Fig. 5. Amino acids 461–463 in just one DGCR8 monomer are necessary for the accuracy and efficiency of microprocessor cleavage.

Fig. 5

a EMSAs of the hybrid G478del WT–mut1 protein. Various amounts of G478del WT–mut1 (ranging from 0 to 12 μM) were mixed with 1 μM of either 10L10_UGU or 10L10_noUGU RNA in a 10 μL reaction solution. b Quantification of the EMSA data shown in (a). The density of each RNA band was determined using Image Lab 6.0 (Bio-Rad), and the results were obtained from three independent experiments. c The pri-mir-16-1 processing by microprocessor. Pri-mir-16-1 (0.5 μM) was processed by 0.1 μM D3–G1 and 0.05 μM G4 WT–WT, G4 WT–mut1, or G4 mut1–mut1 in the reaction buffer for 60 min, as described in “Methods”. d Quantification of the data shown in (c).
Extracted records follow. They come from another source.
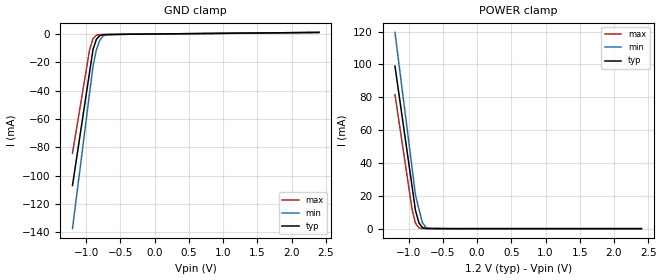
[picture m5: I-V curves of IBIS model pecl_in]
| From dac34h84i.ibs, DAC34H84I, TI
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[Model] pecl_in
Model_type Input
Vinl = 400.000mV
Vinh = 1.00000V
C_comp 876.000fF 875.000fF 877.000fF
| variable typ   min   max
[Voltage Range] 1.20000V 1.10000V 1.30000V
[POWER Clamp Reference] 1.20000V 1.10000V 1.30000V
[GND Clamp Reference] 0.00000V 0.00000V 0.00000V
[Temperature Range] 25   125   -40
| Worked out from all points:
|   GND clamp passes 1 mA (typ) near -0.79 V on its own axis
|   POWER clamp passes 1 mA (typ) near -0.81 V on its own axis
[GND Clamp]
-1.2V     -107.1mA   -137.5mA   -84.38mA
-950mV    -27mA      -41.87mA   -11.17mA
-900mV    -10.98mA   -22.74mA   -3.37mA
-850mV    -3.818mA   -11.06mA   -935.6uA
-800mV    -1.177mA   -4.383mA   -517.3uA
-750mV    -551.6uA   -1.488mA   -488.5uA
-700mV    -514.4uA   -633.4uA   -459.7uA
-650mV    -477.2uA   -431.8uA   -430.9uA
-400mV    -291.5uA   -281.3uA   -286.8uA
-375mV    -272.9uA   -266.2uA   -275.4uA
-325mV    -249.3uA   -236.1uA   -252.6uA
2.4V      1.033mA    1.033mA    989.7uA
[POWER Clamp]
-1.2V     98.97mA    119.5mA    81.62mA
-950mV    25.63mA    36.91mA    11.71mA
-900mV    10.96mA    20.38mA    3.296mA
-850mV    3.502mA    12.03mA    515.7uA
-800mV    708.3uA    3.676mA    54.89uA
-750mV    121.2uA    921.8uA    48.79uA
-650mV    88.9uA     30.96uA    36.59uA
2.4V      0A         0A         0A
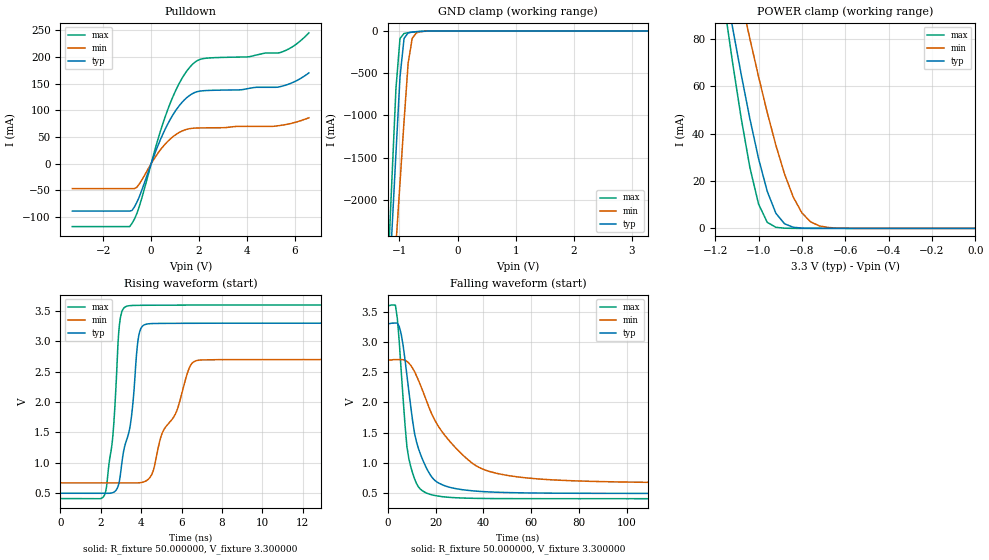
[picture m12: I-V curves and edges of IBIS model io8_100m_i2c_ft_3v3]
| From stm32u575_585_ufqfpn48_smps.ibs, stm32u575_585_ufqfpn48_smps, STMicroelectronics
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|   Model io8_100m_i2c_ft_3v3
[Model]  io8_100m_i2c_ft_3v3
Model_type I/O_open_drain
Polarity   Non-Inverting
Enable   Active-Low
Vinl =   0.990000V
Vinh =   2.310000V
Vmeas =  1.650000V
Cref =   50.000000pF
Rref =   100.000000M
Vref =   1.650000V
C_comp   3.320400pF   3.288500pF   3.361100pF
[Temperature Range]   25.000000   0.140000k   -40.000000
[Pullup Reference]   3.300000V   2.700000V   3.600000V
[Pulldown Reference]   0.0V   0.0V   0.0V
[POWER Clamp Reference]   3.300000V   2.700000V   3.600000V
[GND Clamp Reference]   0.0V   0.0V   0.0V
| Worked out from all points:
|   slope of the pulldown table from 0 to 0.495 V, typ, clamps not added: 8.84 ohm
|   GND clamp passes 1 mA (typ) near -0.51 V on its own axis
|   POWER clamp passes 1 mA (typ) near -0.85 V on its own axis
|   rising waveform, R_fixture 50.000000, V_fixture 3.300000: 20-80 % time 691ps typ, 1.39ns min, 418ps max; typ from 0.496 V to 3.3 V
|   falling waveform, R_fixture 50.000000, V_fixture 3.300000: 20-80 % time 7.46ns typ, 19.4ns min, 4.08ns max; typ from 3.3 V to 0.496 V
[Pulldown]
|Voltage   I(typ)   I(min)   I(max)
-3.3V     -88.61mA   -46.48mA   -117.6mA
-900mV    -88.61mA   -46.48mA   -117.6mA
-700mV    -80.76mA   -46.48mA   -103.5mA
-500mV    -62.15mA   -38.24mA   -80.45mA
300mV     35.76mA    20.75mA    48.11mA
800mV     83.04mA    46.39mA    113.4mA
1.3V      115.2mA    61.33mA    160.4mA
1.8V      132.8mA    66.57mA    188.9mA
2.3V      136.9mA    67.16mA    197.4mA
5.4V      144.2mA    71.57mA    207.9mA
6V        153.5mA    77.1mA     221.4mA
6.6V      169.9mA    86mA       244.9mA
[GND_clamp]
|Voltage   I(typ)   I(min)   I(max)
-3.3V     -9.848A    -9.957A    -9.458A
-1.2V     -3.312A    -4.013A    -2.863A
-1.13V    -2.381A    -3.274A    -1.769A
-1.06V    -1.452A    -2.535A    -684.7mA
-990mV    -542.9mA   -1.798A    -88.02mA
-920mV    -87.11mA   -1.064A    -28.44mA
-850mV    -22.1mA    -382.4mA   -19.61mA
-780mV    -11.97mA   -86.98mA   -13.71mA
-710mV    -7.619mA   -22.26mA   -8.745mA
-640mV    -4.493mA   -7.773mA   -4.817mA
-360mV    -31.22uA   -172.6uA   -8.607uA
3.28V     0A         15.66nA    -5.841nA
[POWER_clamp]
|Voltage   I(typ)   I(min)   I(max)
-3.28V    1.355A     1.167A     1.664A
-1.16V    105.7mA    131.6mA    95.69mA
-1.12V    84.97mA    114mA      70.27mA
-1.08V    65.05mA    96.83mA    46.54mA
-1.04V    46.34mA    80.15mA    25.76mA
-1V       29.51mA    64.13mA    10.3mA
-960mV    15.69mA    48.99mA    2.571mA
-920mV    6.373mA    35.1mA     455.6uA
-840mV    490.7uA    13.24mA    11.36uA
-760mV    27.33uA    2.767mA    276.6nA
-640mV    346.6nA    134.1uA    15.62nA
0V        0A         19.91nA    0A
[Ramp]
| variable   typ   min   max
dV/dt_r  1.68256/0.76960n   1.21961/1.44556n   1.91499/0.52845n
dV/dt_f  1.68256/7.44460n   1.21961/19.36115n   1.91499/4.06747n
R_load = 50.000000
[Rising Waveform]
R_fixture= 50.000000
V_fixture= 3.300000
V_fixture_min= 2.700000
V_fixture_max= 3.600000
|time   V(typ)   V(min)   V(max)
0s        495.7mV    667.3mV    408.3mV
2.202ns   495.5mV    667.2mV    483mV
2.603ns   507.1mV    666.9mV    1.467V
2.923ns   698.7mV    666.6mV    3.277V
3.243ns   1.34V      666.4mV    3.574V
3.524ns   1.776V     666.5mV    3.59V
3.844ns   3.022V     667.5mV    3.593V
4.164ns   3.273V     687.5mV    3.594V
6.727ns   3.298V     2.681V     3.598V
19.94ns   3.3V       2.7V       3.6V
[Falling Waveform]
R_fixture= 50.000000
V_fixture= 3.300000
V_fixture_min= 2.700000
V_fixture_max= 3.600000
|time   V(typ)   V(min)   V(max)
0s        3.3V       2.7V       3.6V
3.203ns   3.309V     2.706V     3.603V
5.606ns   3.127V     2.706V     2.516V
8.008ns   2.444V     2.676V     1.265V
9.61ns    1.928V     2.61V      936mV
12.81ns   1.239V     2.365V     603.4mV
19.22ns   728.5mV    1.739V     464.3mV
37.64ns   531.5mV    936.2mV    413.4mV
64.06ns   501.2mV    731.7mV    408.7mV
398.8ns   495.7mV    667.3mV    408.3mV

The estimated ratio of the productive product (F2) to the original substrate was calculated from three independent experiments. G4 WT–WT vs. G4 WT–mut1: p = 0.534, G4 WT–mut1 vs. G4 mut1–mut1: p = 0.875, G4 WT–WT vs. G4 mut1–mut1: p = 0.373. e, f The pri-mir-30a_UGU (e) and pri-mir-30a_noUGU (f) processing by Microprocessor. Pri-mir-30a_UGU or pri-mir-30a_noUGU (both at 0.5 μM) was processed by 0.2 μM D3–G1 and 0.1 μM of G4 WT–WT, G4 WT–mut1, or G4 mut1–mut1 in the reaction buffer for 60 min, as described in “Methods”. Alt and UPD mean the alternative and unproductive cleavages, respectively. g Quantification of the data shown in (e, f). The ratio of the productive (F2) to unproductive products was calculated from three independent experiments. Pri-mir-30a_UGU vs. pri-mir-30a_noUGU for G4 WT–WT: p = 0.002, G4 WT–mut1: p = 0.002, and G4 mut1–mut1: p = 0.951. The asterisks (*) and (ns) indicate statistically significant and nonsignificant differences, respectively, from the two-sided t test.